Retype, word for word, every line of the records below starting at the one that contains "# Tile 38 of" and ending at the one that contains "doc.units = ezdxf.units.IN"; include both of those lines and nothing more.

Provided records START

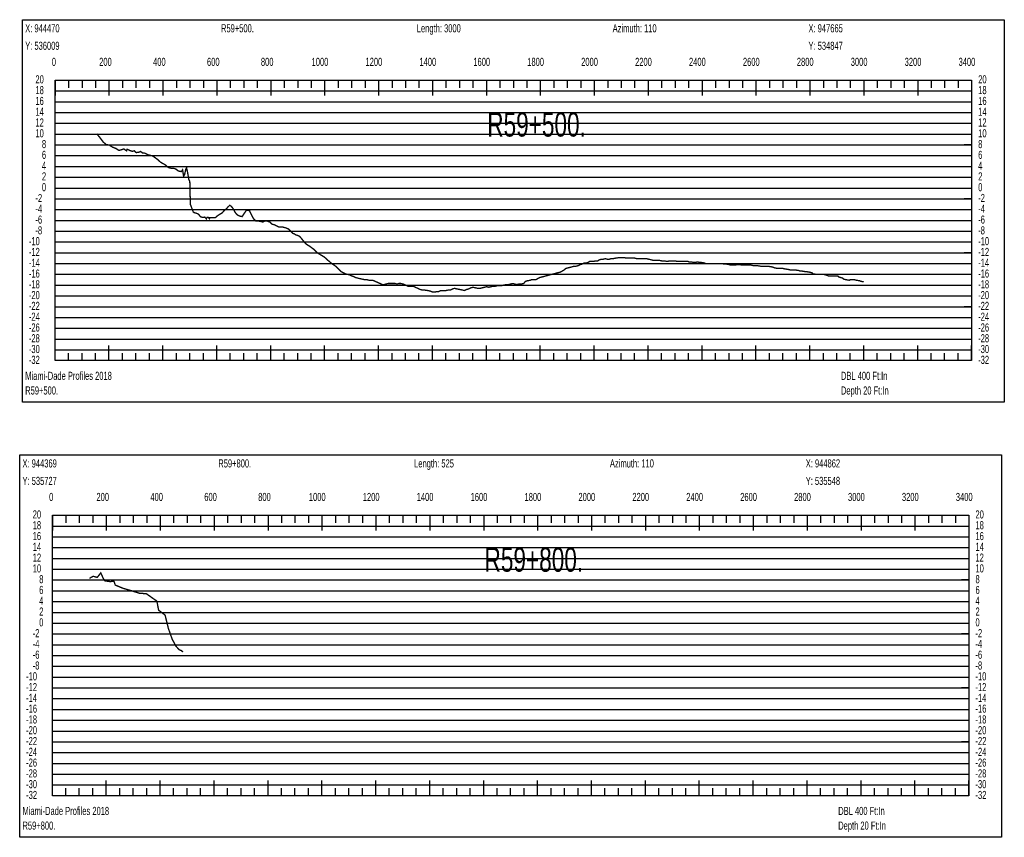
# Model space of a CAD drawing. Header units: inches. Extents: x 471865 to 538526, y 1054316 to 1102451.
# Tile 38 of 114: x 502729 to 506381, y 1075210 to 1078241. Entities that reach past the tile are written whole.
import ezdxf

# ---------------------------------------------------------------- set-up
doc = ezdxf.new("R2010")
doc.units = ezdxf.units.IN
doc.header["$MEASUREMENT"] = 0
for name, color, linetype in [('LABELS', 7, 'Continuous'), ('X_Gr1', 7, 'Continuous'), ('XSECTION', 7, 'Continuous')]:
    doc.layers.add(name, color=color, linetype=linetype)
doc.styles.get("Standard").update_dxf_attribs({"font": 'arial.ttf'})

msp = doc.modelspace()

# ---------------------------------------------------------------- linework, layer by layer
at = {"layer": 'X_Gr1', "color": 6, "linetype": 'Continuous', "lineweight": 18, "true_color": 0xff00ff, "transparency": 33554687, "const_width": 5}
for points in [[(503014.5, 1077817.9), (503014.5, 1077817.9), (503025.2, 1077805.4), (503038.4, 1077787.8), (503048.9, 1077778.5), (503060.7, 1077776.4), (503073.7, 1077768.3), (503085.8, 1077763.7), (503096.5, 1077756.6), (503107.3, 1077759.3), (503115, 1077762.1), (503123.9, 1077756), (503123.9, 1077756.5), (503125.1, 1077756.3), (503125.1, 1077756.8), (503127.2, 1077760.9), (503138.5, 1077755.8), (503146.2, 1077753.3), (503153.7, 1077755), (503160.9, 1077748.5), (503169.6, 1077749.5), (503177.1, 1077752.6), (503184.5, 1077747), (503192.3, 1077746.3), (503204, 1077740.5), (503215.2, 1077737.8), (503222.4, 1077735.5), (503232.9, 1077728.1), (503240, 1077723.1), (503251.2, 1077712.8), (503258.2, 1077708.8), (503268.6, 1077703), (503279.4, 1077693.5), (503289.3, 1077690.5), (503299.5, 1077690.4), (503307.5, 1077687.6), (503316.7, 1077680.6), (503323.4, 1077678.8), (503328.5, 1077678), (503332.9, 1077684.6), (503336.7, 1077660.7), (503340.2, 1077666.7), (503344.8, 1077686.5), (503347.6, 1077692.4), (503351.1, 1077676.9), (503356, 1077649.4), (503359.7, 1077640.8), (503361.7, 1077556.7), (503372.8, 1077527.8), (503376.4, 1077525.6), (503382.7, 1077523.9), (503391, 1077521), (503399.7, 1077510.5), (503407.9, 1077507.9), (503415.4, 1077509.3), (503421.3, 1077502.8), (503423.6, 1077507.9), (503428.6, 1077507.8), (503432.8, 1077503.7), (503433.7, 1077507.7), (503438.7, 1077507.6), (503443.9, 1077507.5), (503449.1, 1077507.3), (503454.4, 1077507.1), (503460.8, 1077513.1), (503466.8, 1077517.1), (503473.1, 1077521.1), (503480, 1077525.1), (503487.2, 1077533.1), (503494.5, 1077539.1), (503501.5, 1077547.1), (503508, 1077553.1), (503513.9, 1077549.1), (503520.2, 1077541.1), (503527.6, 1077527.1), (503536, 1077517.1), (503544.8, 1077513.1), (503553.6, 1077511.1), (503561.7, 1077523.1), (503568.6, 1077533.1), (503574.7, 1077535.1), (503581.2, 1077533.1), (503588.6, 1077517.1), (503596.3, 1077503.1), (503604.2, 1077495.1), (503612.6, 1077495.1), (503621.7, 1077493.1), (503630.7, 1077491.1), (503638.5, 1077495.1), (503644.7, 1077495.1), (503650.4, 1077493.1), (503656.7, 1077491.1), (503664.3, 1077483.1), (503672.7, 1077481.1), (503681, 1077477.1), (503688.8, 1077473.1), (503695.4, 1077473.1), (503701.8, 1077473.1), (503708.9, 1077471.1), (503716.9, 1077469.1), (503725.6, 1077465.1), (503734.1, 1077457.1), (503741.5, 1077449.1), (503747.6, 1077447.1), (503753.3, 1077443.1), (503760, 1077441.1), (503767.8, 1077437.1), (503776.2, 1077427.1), (503784.2, 1077417.1), (503791.3, 1077409.1), (503797.8, 1077405.1), (503804.6, 1077401.1), (503812.5, 1077395.1), (503820.7, 1077389.1), (503828.5, 1077381.1), (503835.6, 1077375.1), (503842.1, 1077371.1), (503848.7, 1077367.1), (503855.9, 1077363.1), (503863.6, 1077357.1), (503871.7, 1077349.1), (503879.3, 1077343.1), (503885.9, 1077337.1), (503891.8, 1077333.1), (503898.2, 1077329.1), (503905.4, 1077323.1), (503913.4, 1077315.1), (503921.4, 1077307.1), (503928.9, 1077303.1), (503936.3, 1077299.1), (503944, 1077297.1), (503951.9, 1077295.1), (503959.9, 1077291.1), (503967.5, 1077289.1), (503975, 1077285.1), (503982.7, 1077283.1), (503990.9, 1077281.1), (503999.8, 1077279.1), (504008.9, 1077277.1), (504017.3, 1077277.1), (504024.6, 1077275.1), (504031.2, 1077275.1), (504038.4, 1077275.1), (504047.1, 1077271.1), (504056.4, 1077267.1), (504065.4, 1077263.1), (504073.4, 1077259.1), (504080.5, 1077259.1), (504087.2, 1077261.1), (504095, 1077263.1), (504104.2, 1077263.1), (504113.3, 1077263.1), (504121.4, 1077263.1), (504128.3, 1077261.1), (504134.7, 1077263.1), (504142.1, 1077263.1), (504151, 1077261.1), (504160.2, 1077257.1), (504168.3, 1077253.1), (504174.7, 1077253.1), (504180.6, 1077253.1), (504187.7, 1077253.1), (504196.5, 1077249.1), (504205.7, 1077245.1), (504213.9, 1077241.1), (504221, 1077239.1), (504227.3, 1077239.1), (504242.1, 1077237.1), (504251.4, 1077235.1), (504260.8, 1077231.1), (504268.9, 1077231.1), (504275.6, 1077233.1), (504282.5, 1077233.1), (504290.8, 1077237.1), (504300.5, 1077237.1), (504310.4, 1077237.1), (504319.6, 1077239.1), (504327.5, 1077239.1), (504334.4, 1077243.1), (504341.6, 1077245.1), (504350.3, 1077243.1), (504360, 1077241.1), (504369.7, 1077239.1), (504378.8, 1077237.1), (504387.1, 1077241.1), (504394.6, 1077243.1), (504402, 1077247.1), (504410.3, 1077249.1), (504419.2, 1077247.1), (504428.2, 1077245.1), (504436.6, 1077245.1), (504444.7, 1077247.1), (504452.9, 1077249.1), (504460.9, 1077251.1), (504469, 1077249.1), (504476.9, 1077251.1), (504485.2, 1077253.1), (504493.4, 1077253.1), (504501.2, 1077255.1), (504508.7, 1077255.1), (504516.2, 1077255.1), (504524.4, 1077257.1), (504533.1, 1077259.1), (504541.7, 1077259.1), (504550, 1077261.1), (504557.5, 1077263.1), (504572.7, 1077259.1), (504581, 1077261.1), (504589.9, 1077261.1), (504598.1, 1077263.1), (504605.1, 1077271.1), (504611.8, 1077273.1), (504623.1, 1077275.1), (504627.3, 1077277.1), (504635.4, 1077277.1), (504643, 1077277.1), (504650.2, 1077281.1), (504657.6, 1077285.1), (504665.3, 1077287.1), (504673, 1077289.1), (504680.5, 1077291.1), (504687.8, 1077293.1), (504695.2, 1077295.1), (504703, 1077297.1), (504710.4, 1077299.1), (504717.8, 1077301.1), (504725.4, 1077303.1), (504733.3, 1077305.1), (504741, 1077309.1), (504747.9, 1077313.1), (504754.9, 1077319.1), (504762.7, 1077321.1), (504770.7, 1077323.1), (504778.4, 1077325.1), (504785.6, 1077327.1), (504792.7, 1077327.1), (504799.9, 1077329.1), (504807.4, 1077333.1), (504815.2, 1077335.1), (504822.9, 1077339.1), (504830, 1077339.1), (504836.6, 1077341.1), (504843.2, 1077345.1), (504850.4, 1077345.1), (504858, 1077345.1), (504865.7, 1077347.1), (504872.9, 1077347.1), (504879.7, 1077351.1), (504886.4, 1077353.1), (504893.4, 1077353.1), (504900.9, 1077355.1), (504908.6, 1077353.1), (504915.6, 1077353.1), (504922.3, 1077355.1), (504929, 1077355.1), (504939.5, 1077357.1), (504943, 1077357.1), (504949.9, 1077359.1), (504956.9, 1077359.1), (504964.4, 1077359.1), (504972, 1077359.1), (504979.3, 1077357.1), (504986.2, 1077357.1), (504993.5, 1077357.1), (505001.4, 1077357.1), (505009.9, 1077357.1), (505018, 1077355.1), (505025.1, 1077355.1), (505031.6, 1077355.1), (505038.5, 1077355.1), (505050.3, 1077355.1), (505054.4, 1077355.1), (505062.5, 1077353.1), (505070.6, 1077351.1), (505078.2, 1077349.1), (505088.7, 1077349.1), (505092.5, 1077349.1), (505100.5, 1077349.1), (505109.4, 1077347.1), (505118.1, 1077347.1), (505129.4, 1077345.1), (505132.9, 1077345.1), (505140.1, 1077347.1), (505148.2, 1077347.1), (505156.5, 1077347.1), (505168.4, 1077345.1), (505172.2, 1077345.1), (505179.5, 1077345.1), (505186.9, 1077345.1), (505194.7, 1077345.1), (505207.1, 1077345.1), (505211.2, 1077343.1), (505218.9, 1077343.1), (505230, 1077341.1), (505233.6, 1077341.1), (505244.7, 1077343.1), (505248.8, 1077341.1), (505257, 1077341.1), (505268.9, 1077339.1), (505272.7, 1077337.1), (505283.8, 1077337.1), (505287.7, 1077337.1), (505295.7, 1077337.1), (505307.6, 1077337.1), (505311.5, 1077337.1), (505322.5, 1077337.1), (505326.2, 1077337.1), (505333.8, 1077337.1), (505341.7, 1077335.1), (505349.4, 1077335.1), (505361.3, 1077333.1), (505365.2, 1077331.1), (505372.4, 1077331.1), (505383.4, 1077331.1), (505387.5, 1077333.1), (505400.1, 1077333.1), (505407.8, 1077331.1), (505411.3, 1077331.1), (505421.7, 1077331.1), (505425.6, 1077331.1), (505438.4, 1077331.1), (505442.7, 1077331.1), (505450.5, 1077329.1), (505461.7, 1077329.1), (505465.6, 1077329.1), (505477.4, 1077327.1), (505485.1, 1077327.1), (505488.9, 1077327.1), (505500.2, 1077327.1), (505504.2, 1077327.1), (505516.3, 1077325.1), (505524.4, 1077323.1), (505528.3, 1077321.1), (505539.9, 1077319.1), (505543.6, 1077319.1), (505555, 1077319.1), (505559.1, 1077319.1), (505567.5, 1077317.1), (505580, 1077315.1), (505587.7, 1077313.1), (505591.4, 1077313.1), (505602.9, 1077313.1), (505607, 1077313.1), (505619.5, 1077311.1), (505623.5, 1077309.1), (505631.2, 1077309.1), (505642.5, 1077307.1), (505646.4, 1077307.1), (505658.4, 1077305.1), (505666.9, 1077303.1), (505671.3, 1077299.1), (505683.8, 1077297.1), (505687.6, 1077297.1), (505698.8, 1077297.1), (505702.8, 1077297.1), (505710.9, 1077297.1), (505724.1, 1077293.1), (505728.5, 1077291.1), (505740.8, 1077291.1), (505744.5, 1077291.1), (505751.6, 1077291.1), (505763.5, 1077291.1), (505767.8, 1077287.1), (505781.3, 1077283.1), (505785.8, 1077279.1), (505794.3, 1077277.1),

Provided records END

◆ Answer section:
# Tile 38 of 114: x 502729 to 506381, y 1075210 to 1078241. Entities that reach past the tile are written whole.
import ezdxf

# ---------------------------------------------------------------- set-up
doc = ezdxf.new("R2010")
doc.units = ezdxf.units.IN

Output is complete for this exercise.